4. James R, Summerfield N, Loureiro J, Swift S, Dukes-McEwan J. Implantable loop recorders: a viable diagnostic tool in veterinary medicine. J Small Anim Pract. 2008;49(11):564–570.
5. Liu SK, Dolensek EP, Tappe JP, Stover J, Adams CR. Cardiomyopathy associated with vitamin E deficiency in seven gelada baboons. J Am Vet Med Assoc. 1984;185(11):1347–1350.
6. Lammey ML, Jackson R, Ely JJ, Lee DR, Sleeper MM. Use of implantable loop recorder in the investigation of arrhythmias in adult captive chimpanzees (Pan troglodytes). Comp Med. 2011;61(1):71–75.
7. Murphy HW, Danforth MD. Update on the Great Ape Heart Project. In: Miller RE, Lamberski N, Calle PP, eds. Fowler’s Zoo and Wild Animal Medicine: Current Therapy. Volume 9. St. Louis, MO: Elsevier; 2019:581–587.
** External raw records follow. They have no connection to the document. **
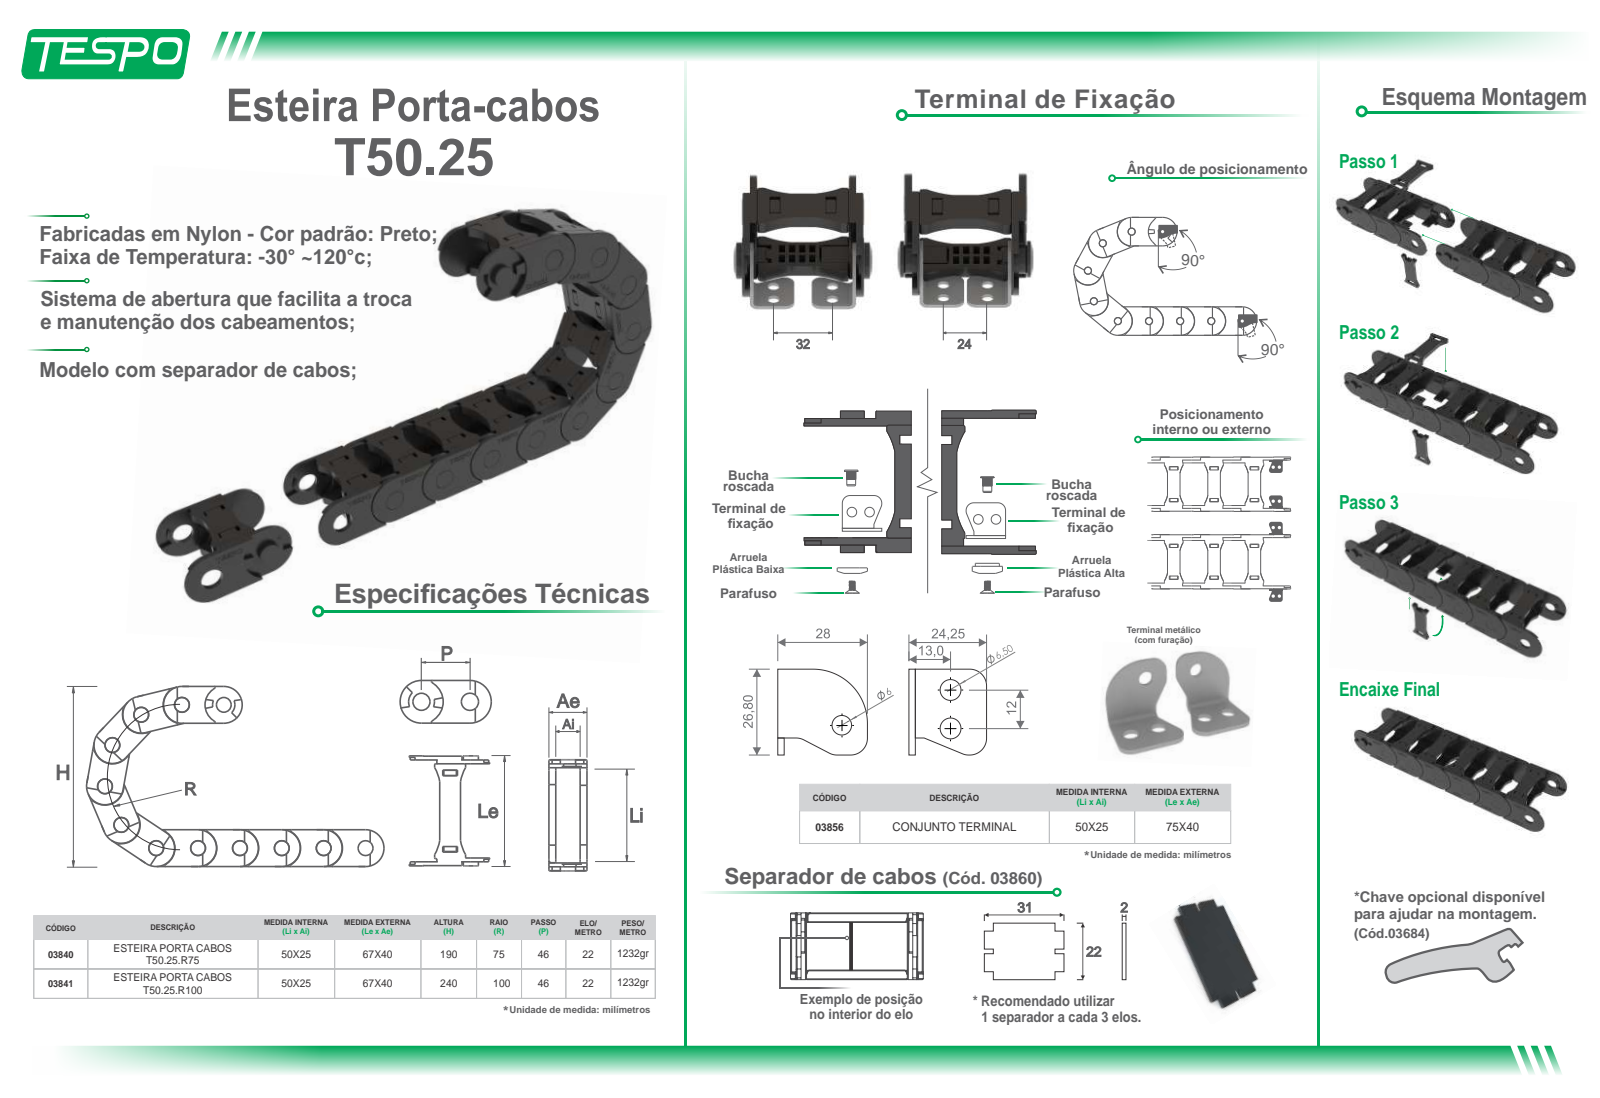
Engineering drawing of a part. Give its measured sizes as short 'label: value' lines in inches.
written by: ST-DEVELOPER v15 (AUTOMOTIVE_DESIGN)
unit: in
bodies: 4 solids, 155 faces (92 planar, 0 cylindrical, 63 other)
size: 3.366 × 2.629 × 1.575
volume: 2.87 in³; area: 39.86 in²
face distances: 0.159, 2.287, 2.127, 0.319, 2.446, 1.575, 1.968, 0.283, 1.291, 2.606

8. MacKie BA, Stepien RL, Kellihan HB. Retrospective analysis of an implantable loop recorder for evaluation of syncope, collapse or intermittent weakness in 23 dogs (2004–2008). J Vet Cardiol. 2010;12:25–33.
9. Rishniw M, Schiavetta AM, Johnson TO, Erb HN. Cardiomyopathy in captive owl monkeys (Aotus nancymae). Comp Med. 2005;55(2):162–168.